Pandemi Belum Usai: Saatnya Mengasah Kembali Empati dan Kesadaran

Kasus Covid-19 kembali meningkat, sebuah déjà vu yang menghantui. Virus ini, meski dengan gejala yang lebih ringan, tetap memberikan dampak yang signifikan. Lebih dari sekadar masalah kesehatan, pandemi ini mencerminkan kerapuhan kesadaran kolektif kita sebagai masyarakat.

Sempat terlena dengan narasi "new normal," kita melonggarkan protokol kesehatan dan menganggap vaksin sebagai pelindung yang cukup. Padahal, pandemi telah merenggut rasa kebersamaan, empati, dan kepedulian sosial.

Data menunjukkan peningkatan kasus ringan dan sedang akibat mutasi subvarian terbaru Omicron. Rumah sakit kembali bersiaga, masker mulai langka, dan berita duka kembali menghantui. Namun, publik tampaknya kebal terhadap peringatan.

Hoaks tentang vaksin dan teori konspirasi masih terus beredar, menunjukkan bahwa tantangan kita bukan hanya soal menyediakan vaksin, tetapi juga menghidupkan kembali kepercayaan dan kesadaran kritis masyarakat.

Pandemi ini adalah guru yang keras, menampar kesombongan manusia dengan pelajaran tentang kerentanan. Kita masih bersikap seolah pandemi telah usai, padahal ia hanya mereda, bukan musnah.

Saat tenaga kesehatan kembali berjaga, masyarakat malah abai. Saat rumah sakit mulai penuh, kita kembali sibuk menyalahkan pemerintah. Egoisme, disinformasi, dan apatisme adalah musuh terbesar kita.

Masker adalah simbol empati sosial, vaksin adalah perwujudan tanggung jawab terhadap orang lain. Namun, semua itu seolah telah menguap. Kesadaran kita runtuh lebih cepat daripada dinding rumah sakit yang kembali dibuka.

Pandemi ini bukan hanya ujian medis, tetapi ujian moral bangsa. Di tengah masyarakat yang terpolarisasi, pandemi membongkar siapa yang sungguh-sungguh peduli.

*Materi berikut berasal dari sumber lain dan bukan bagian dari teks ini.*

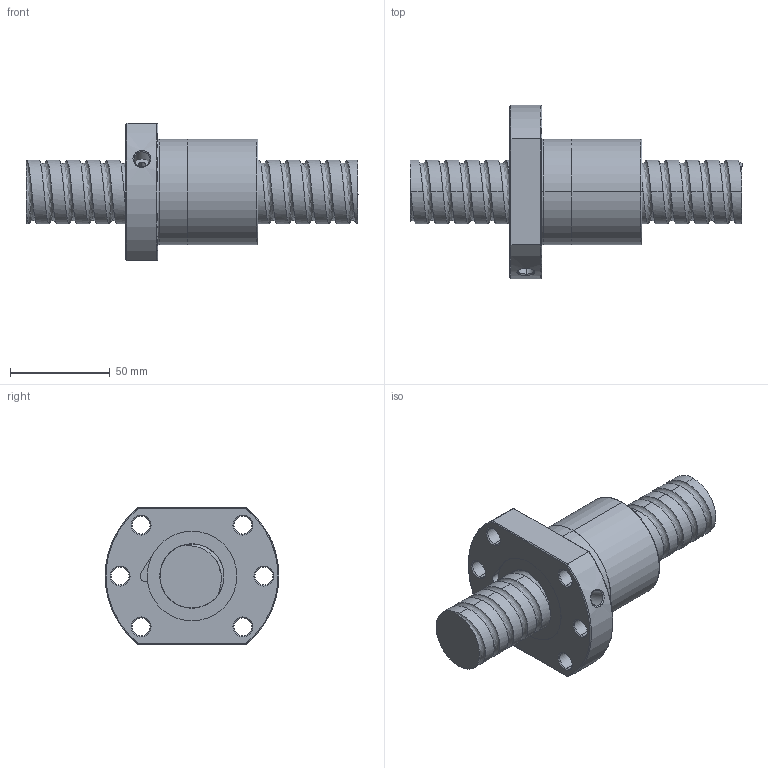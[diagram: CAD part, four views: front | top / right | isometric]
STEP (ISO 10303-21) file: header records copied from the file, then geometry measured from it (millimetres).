
FILE_DESCRIPTION (( 'STEP AP214' ), '1' );
FILE_NAME ('FSDC03210T4-C-C.STEP', '2010-06-25T11:43:37', ( 'XPAUTO' ), ( 'XPAUTO' ), 'SwSTEP 2.0', 'SolidWorks 2007', '' );
FILE_SCHEMA (( 'AUTOMOTIVE_DESIGN' ));
Length unit declared in the file: millimetre
Products named in the file (3): FSDC03210T4-C-C; FSDC03210T4-C-C.sldasm-Part-2_預設; FSDC03210T4-C-C.sldasm-Part-1_預設
Assembly tree (2 placements, depth 2):
  FSDC03210T4-C-C
    FSDC03210T4-C-C.sldasm-Part-2_預設
    FSDC03210T4-C-C.sldasm-Part-1_預設
Bounding box: 166 x 86.7 x 69 mm (x, y, z)
Volume: 259255.4 mm3; surface area: 51310.3 mm2
Topology: 2 solids, 2 shells, 131 faces, 327 edges, 205 vertices
Faces by surface type: cylinder 74, cone 24, plane 22, torus 6, bspline 5
Entity records: 25844 total; most frequent: CARTESIAN_POINT 22729, ORIENTED_EDGE 654, DIRECTION 601, EDGE_CURVE 327, AXIS2_PLACEMENT_3D 243, VERTEX_POINT 205, EDGE_LOOP 152, FACE_OUTER_BOUND 131
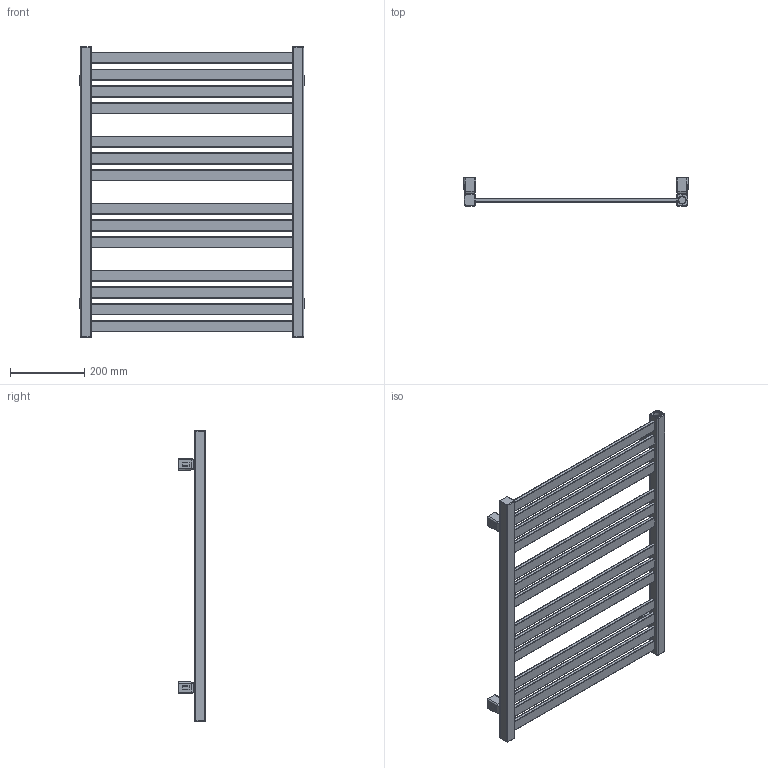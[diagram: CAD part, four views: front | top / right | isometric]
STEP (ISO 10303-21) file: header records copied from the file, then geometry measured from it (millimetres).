
FILE_DESCRIPTION((''),'2;1');
FILE_NAME('Z:\R\G\P\RGPH09 - Grzejnik Marlin\Work\Inventor\Grzejnik Marlin v3.0\Marketing\AutoCad 3D\MR-780-600-SX_MKT.stp','2012-07-25T08:18:01',('PioRo'),(''),'Autodesk Inventor 2012','Autodesk Inventor 2012','');
FILE_SCHEMA(('AUTOMOTIVE_DESIGN { 1 0 10303 214 1 1 1 1 }'));
Length unit declared in the file: millimetre
Products named in the file (3): MR-780-600-SX_MKT; MKT42-00-A v0.2
Assembly tree (5 placements, depth 2):
  MR-780-600-SX_MKT
    MR-780-600-SX_MKT
    MKT42-00-A v0.2  x4
Bounding box: 603.98 x 74.5 x 780 mm (x, y, z)
Volume: 3794671.5 mm3; surface area: 794298.3 mm2
Topology: 5 solids, 5 shells, 449 faces, 1123 edges, 713 vertices
Faces by surface type: cylinder 191, plane 183, bspline 62, torus 9, cone 4
Full cylindrical faces by diameter (mm): 4.134 x4, 10 x4, 12 x4, 18.631 x3
Entity records: 9173 total; most frequent: CARTESIAN_POINT 2815, DIRECTION 1340, ORIENTED_EDGE 1262, EDGE_CURVE 631, AXIS2_PLACEMENT_3D 494, VERTEX_POINT 415, VECTOR 352, LINE 352
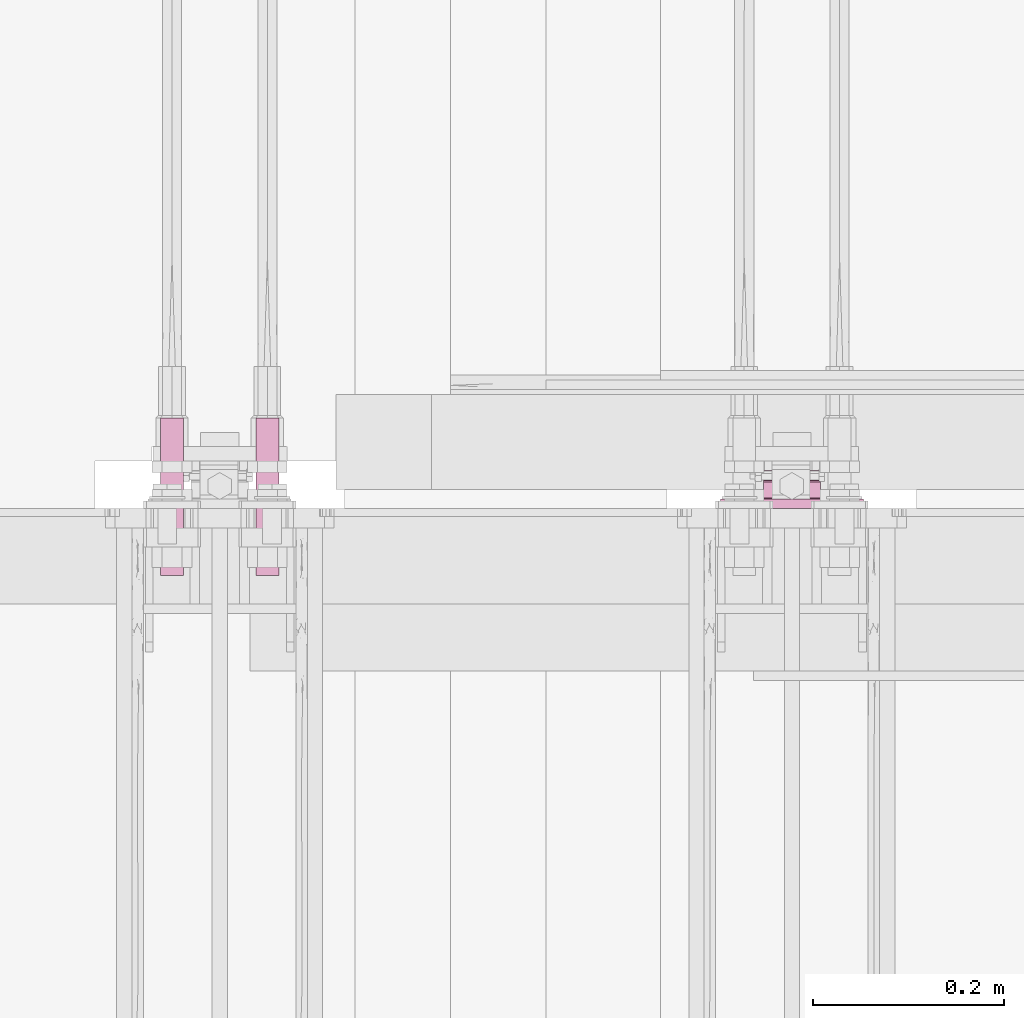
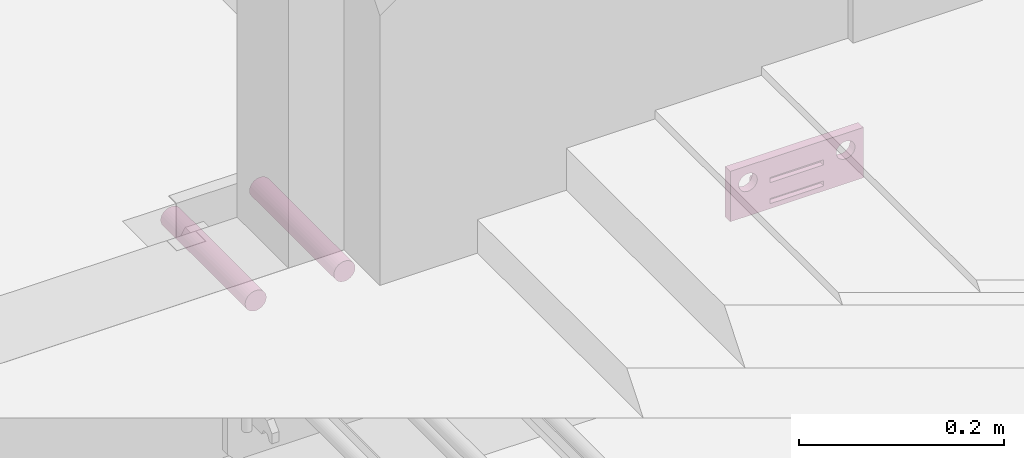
# One storey, part 13 of 17: 3 furnishings.
"""IFC2X3 building model written with IfcOpenShell, lengths in metres."""

import ifcopenshell
import ifcopenshell.guid

model = None  # the IFC model being written
_history = None  # IfcOwnerHistory: only IFC2X3 demands one
_inside = {}  # id of a spatial element -> (the spatial element, [elements in it])
_under = {}  # id of a project, library or spatial element -> (it, [spatial elements below it])
_declared = {}  # id of a project -> (the project, [libraries it declares])
_typed = {}  # id of a type object -> (the type object, [elements of that type])
_made_of = {}  # id of a material, layer set ... -> (it, [elements and type objects made of it])


def new_model(schema):
    """Start an empty IFC model of exactly this schema.

    Asked for "IFC4X3", IfcOpenShell would pick the latest addendum, in which some entities
    have other attributes; the version numbers below select the first issue.
    IFC2X3 requires an IfcOwnerHistory on every rooted entity: one is made here for all.
    """
    global model, _history
    if schema == "IFC4X3":
        model = ifcopenshell.file(schema_version=(4, 3, 0, 0))
    else:
        model = ifcopenshell.file(schema=schema)
    _inside.clear()
    _under.clear()
    _declared.clear()
    _typed.clear()
    _made_of.clear()
    _history = None
    if model.schema == "IFC2X3":
        org = make("IfcOrganization", Name="unknown")
        user = make(
            "IfcPersonAndOrganization",
            ThePerson=make("IfcPerson", FamilyName="unknown"),
            TheOrganization=org,
        )
        app = make(
            "IfcApplication",
            ApplicationDeveloper=org,
            Version="unknown",
            ApplicationFullName="unknown",
            ApplicationIdentifier="unknown",
        )
        _history = make(
            "IfcOwnerHistory",
            OwningUser=user,
            OwningApplication=app,
            ChangeAction="ADDED",
            CreationDate=0,
        )
    return model


def make(cls, **values):
    """One entity of the class cls with the attributes given. An attribute that is None is left unset."""
    return model.create_entity(
        cls, **{name: value for name, value in values.items() if value is not None}
    )


def entity(cls, *values):
    """Any entity or typed value of the class cls, its attributes in the order of the schema. None: left unset."""
    e = model.create_entity(cls)
    for i, value in enumerate(values):
        if value is not None:
            e[i] = value
    return e


def rooted(cls, **values):
    """An entity with a GlobalId (a new one), such as an element, a storey or a relation."""
    return make(cls, GlobalId=ifcopenshell.guid.new(), OwnerHistory=_history, **values)


def si_unit(unit_type, name, prefix=None):
    """IfcSIUnit, for example si_unit("LENGTHUNIT", "METRE", prefix="MILLI")."""
    return make("IfcSIUnit", UnitType=unit_type, Prefix=prefix, Name=name)


def converted_unit(unit_type, name, factor, base, dimensions=None, offset=None):
    """IfcConversionBasedUnit, such as the inch: factor (a typed value) times the base unit."""
    return make(
        "IfcConversionBasedUnit"
        if offset is None
        else "IfcConversionBasedUnitWithOffset",
        ConversionOffset=offset,
        Dimensions=None
        if dimensions is None
        else entity("IfcDimensionalExponents", *dimensions),
        UnitType=unit_type,
        Name=name,
        ConversionFactor=make(
            "IfcMeasureWithUnit", ValueComponent=factor, UnitComponent=base
        ),
    )


def derived_unit(unit_type, elements):
    """IfcDerivedUnit: a product of units, each with its exponent."""
    return make(
        "IfcDerivedUnit",
        Elements=[
            make("IfcDerivedUnitElement", Unit=unit, Exponent=power)
            for unit, power in elements
        ],
        UnitType=unit_type,
    )


def assignment(units):
    """IfcUnitAssignment: the units of a project."""
    return None if units is None else make("IfcUnitAssignment", Units=units)


def point(xyz):
    """IfcCartesianPoint."""
    return None if xyz is None else make("IfcCartesianPoint", Coordinates=xyz)


def direction(xyz):
    """IfcDirection."""
    return None if xyz is None else make("IfcDirection", DirectionRatios=xyz)


def frame(location, z_axis=None, x_axis=None):
    """IfcAxis2Placement3D, a coordinate frame: its origin and axes. An axis left out is left unset."""
    return make(
        "IfcAxis2Placement3D",
        Location=point(location),
        Axis=direction(z_axis),
        RefDirection=direction(x_axis),
    )


def frame_2d(location, x_axis=None):
    """IfcAxis2Placement2D, a coordinate frame in the plane: its origin and x axis."""
    return make(
        "IfcAxis2Placement2D", Location=point(location), RefDirection=direction(x_axis)
    )


def origin():
    """The frame at (0, 0, 0) with its axes left unset."""
    return frame((0.0, 0.0, 0.0))


def place(relative_to, where):
    """IfcLocalPlacement: puts the frame where relative to a parent placement (None: the world)."""
    return make(
        "IfcLocalPlacement", PlacementRelTo=relative_to, RelativePlacement=where
    )


def context(
    kind, dimensions, precision=None, world=None, true_north=None, identifier=None
):
    """IfcGeometricRepresentationContext, for example the 3D "Model" context."""
    return make(
        "IfcGeometricRepresentationContext",
        ContextIdentifier=identifier,
        ContextType=kind,
        CoordinateSpaceDimension=dimensions,
        Precision=precision,
        WorldCoordinateSystem=world,
        TrueNorth=true_north,
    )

Kita tidak bisa hanya berharap pada negara. Negara pun bertumpu pada kesadaran rakyatnya. Jika dulu kita semangat menggaungkan tagar #dirumahaja, kini saatnya kita menyerukan #sadarbersama. Bukan untuk menakut-nakuti, tapi untuk menyadarkan.

Jika kita lengah, sejarah hanya akan mengulang dirinya dengan harga yang lebih mahal. Pandemi memang akan berlalu, tetapi apakah kita akan tetap sama? Ataukah kita akan menjadi bangsa yang belajar dari luka dan tumbuh dari krisis? Yang sakit bukan hanya tubuh, tapi juga nurani. Dan yang perlu disembuhkan bukan hanya paru-paru, tapi juga empati.